What you should do: Pictures don't belong in the copy; print all the records exactly.

# # # # # # #

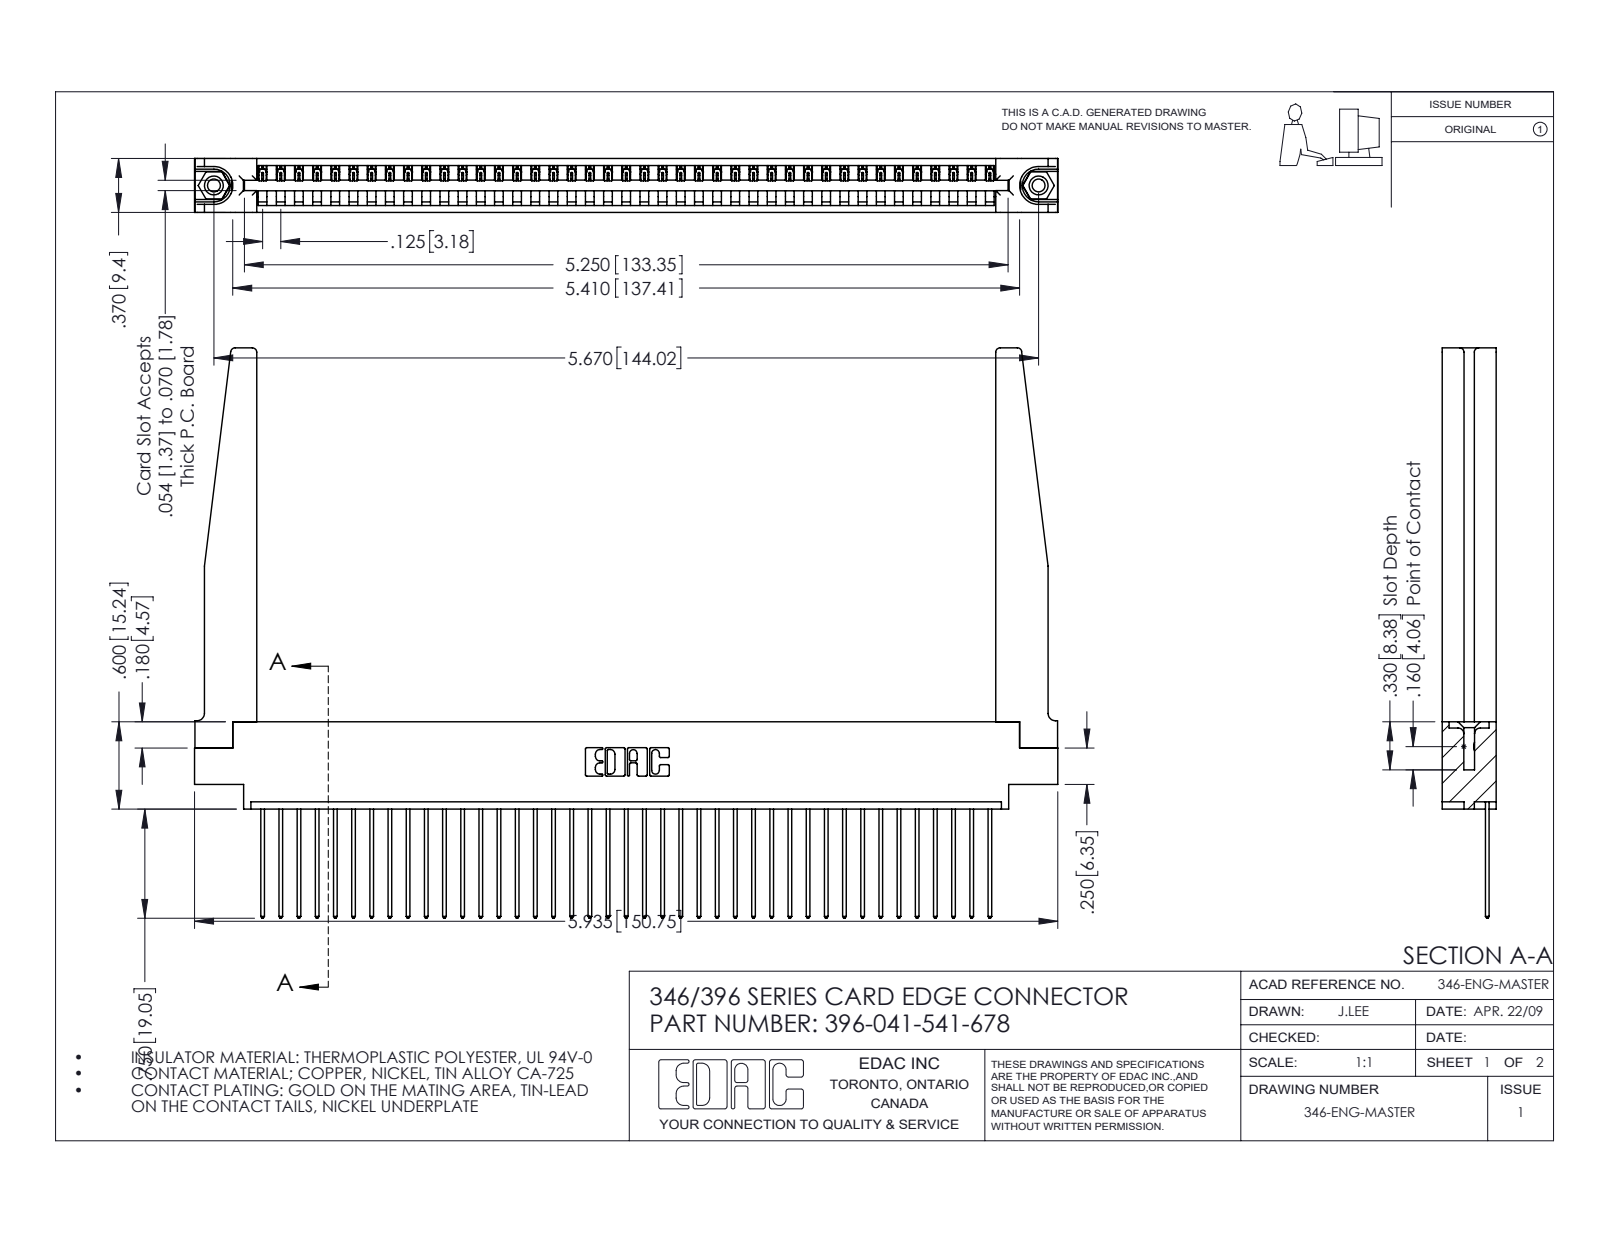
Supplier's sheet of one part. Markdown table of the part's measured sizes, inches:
| quantity | value |
| --- | --- |
| part name | 345-250-001_345-250-001-102; 346-220-078_345-220-078; 396-041-541-678; 346 Part_0.170 Offset - 0.156 Dia-TH (+1 more) |
| STEP written by | SolidWorks 2016 (CONFIG_CONTROL_DESIGN) |
| units | inches |
| bodies | 46 solids, 2738 faces (1862 planar, 824 cylindrical, 52 other) |
| overall size | 5.935 × 3.92 × 0.37 |
| volume | 1.301 in³ |
| surface area | 39.53 in² |
| round holes (diameter × count) | 0.089 × 2, 0.125 × 2, 0.156 × 2, 0.064 × 1 |
| round bosses / shafts (diameter × count) | 0.155 × 2 |
| partial cylindrical surfaces (radius × count) | 0.006 × 82, 0.01 × 82, 0.01 × 22, 0.03 × 8, 0.007 × 6, 0.031 × 6, 0.026 × 3, 0.031 × 2 |
| main face-to-face distances | 0.37, 0.048, 0.322, 0.072, 0.148, 0.25, 0.298, 0.025, 0.15, 0.222 |
| hole center spacings | 0.246, 5.461, 5.67 |

# # # # # # #

Response to the exercise:
Supplier's sheet of one part. Markdown table of the part's measured sizes, inches:
| quantity | value |
| --- | --- |
| part name | 345-250-001_345-250-001-102; 346-220-078_345-220-078; 396-041-541-678; 346 Part_0.170 Offset - 0.156 Dia-TH (+1 more) |
| STEP written by | SolidWorks 2016 (CONFIG_CONTROL_DESIGN) |
| units | inches |
| bodies | 46 solids, 2738 faces (1862 planar, 824 cylindrical, 52 other) |
| overall size | 5.935 × 3.92 × 0.37 |
| volume | 1.301 in³ |
| surface area | 39.53 in² |
| round holes (diameter × count) | 0.089 × 2, 0.125 × 2, 0.156 × 2, 0.064 × 1 |
| round bosses / shafts (diameter × count) | 0.155 × 2 |
| partial cylindrical surfaces (radius × count) | 0.006 × 82, 0.01 × 82, 0.01 × 22, 0.03 × 8, 0.007 × 6, 0.031 × 6, 0.026 × 3, 0.031 × 2 |
| main face-to-face distances | 0.37, 0.048, 0.322, 0.072, 0.148, 0.25, 0.298, 0.025, 0.15, 0.222 |
| hole center spacings | 0.246, 5.461, 5.67 |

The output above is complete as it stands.